G. I. Joe podobnie jak jego filmowy pierwowzór był umundurowany. Nie była to jeszcze dokładna replika jakiegokolwiek munduru, ale dosyć swobodne odniesienie do umundurowania amerykańskiego. Nowość natychmiast zrobiła furorę na amerykańskim rynku, zaś zainteresowanym wytwórcom zagranicznym sprzedano kilka licencji. Ostatecznie nabyli ją: japońska Takara, brytyjski Palitoy i hiszpański Geyper. Pojawiły się też liczne naśladownictwa, jak chociażby popularny, nieco mniejszy (20 cm) Big Jim firmy Mattel. Dla nas, z kilku powodów, interesujący jest wątek hiszpański. Figurki G.I. Joe pod nazwą Geyperman zaczęto tam produkować na licencji Hasbro w 1970 roku. Ubiór i wyposażenie początkowo miały charakter raczej podróżniczo-przygodowy niż militarny. Potem, chyba po raz pierwszy w Europie, Geypermani ubrani zostali w mundury konkretnych armii, a więc: radzieckie, niemieckie, hiszpańskie i inne. Poziom wykonania miniaturowych mundurów nie był jeszcze wysoki, ale oferta nadal była skierowana do dzieci a nie do kolekcjonerów. Geypermana produkowano w kilku różniących się szczegółami wzorach do 1982 roku. Największą ciekawostką jest fakt, że to właśnie Geyperman był pierwszą w historii action figure jaka trafiła na rynek polski. W 1978 roku w sklepach Centralnej Składnicy Harcerskiej pojawiły się w niewielkiej liczbie hiszpańskie figurki i kilka zestawów dedykowanego im wyposażenia. Niestety deficytowy towar szybko zniknął z półek a państwowy dystrybutor, jak wówczas często bywało, pozostawił socjalistycznego konsumenta w nastroju wiecznego niedosytu. W zasadzie poza nielicznymi przypadkami prywatnego eksportu temat action figure pozostał w Polsce nieznany.

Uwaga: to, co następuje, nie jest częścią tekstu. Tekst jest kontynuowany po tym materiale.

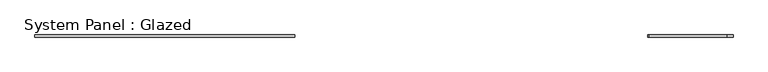
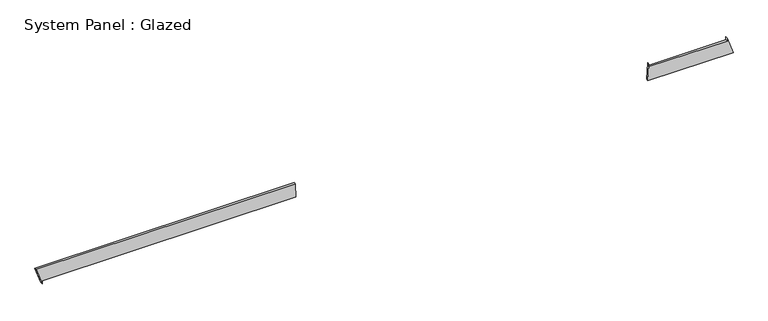
"""IFC4 building model written with IfcOpenShell, lengths in millimetres: plate geometry, System Panel : Glazed."""

from ifc_helpers import new_model, si_unit, frame, origin, place, context, project, spatial, polyline, outline, extrude, source, transform, mapped, element, save


def system_panel_glazed_f2b34a5e(model_context):
    return source(origin(), model_context, "Body", "SweptSolid", [
        extrude(outline(polyline([(35.3553391, 3043.6334639), (35.3553391, 4027.4732247), (235.6210783, 3958.4712631), (200.2657393, 3958.4719436), (200.2483347, 3054.1964159), (235.6036737, 3054.1957354), (35.3553391, 3043.6334639)])), frame((0.0, -49.5, 0.0), z_axis=(0.0, 1.0, 0.0), x_axis=(0.0, 0.0, 1.0)), (0.0, 0.0, 1.0), 25.0),
        extrude(outline(polyline([(0.0, -3958.100606), (35.3553391, -3958.100606), (35.3553391, -1029.4125478), (200.1696818, -1032.3090079), (200.1120339, -4027.4732247), (0.0, -3958.100606)])), frame((0.0, -49.5, 0.0), z_axis=(0.0, 1.0, 0.0), x_axis=(0.0, 0.0, 1.0)), (0.0, 0.0, 1.0), 25.0),
    ])


if __name__ == "__main__":
    model = new_model("IFC4")
    model_context = context("Model", 3, world=origin())
    ifc_project = project(units=[si_unit("LENGTHUNIT", "METRE", prefix="MILLI")], contexts=[model_context])
    site = spatial("IfcSite", under=ifc_project)
    building = spatial("IfcBuilding", under=site)
    placement = place(None, origin())
    system_panel_glazed_shape = system_panel_glazed_f2b34a5e(model_context)
    element("IfcPlate", 1, ObjectType="System Panel : Glazed", at=placement, inside=building, context=model_context, shape_type="MappedRepresentation", body=[
        mapped(system_panel_glazed_shape, transform((0.0, 0.0, 0.0), x_axis=(1.0, 0.0, 0.0), y_axis=(0.0, 1.0, 0.0), z_axis=(0.0, 0.0, 1.0))),
    ])
    save(model, "model.ifc")

# Revit data of these elements
# Element 1 (IfcPlate, "System Panel : Glazed")
#   Materials on its faces: "Glass"
# Materials
#   "Glass": class "Glass", colour RGB 218 227 224, transparency 0.85, Description = "Soda Lime Glass", Cost = 0

Pod tym dobranym w latach 90-tych mundurem spadochroniarza kryje się autentyczny Geyperman. Pamięta on desant do Polski w 1978! Foto: autor.
Pod tym dobranym w latach 90-tych mundurem spadochroniarza kryje się autentyczny Geyperman. Pamięta on desant do Polski w 1978! Foto: autor.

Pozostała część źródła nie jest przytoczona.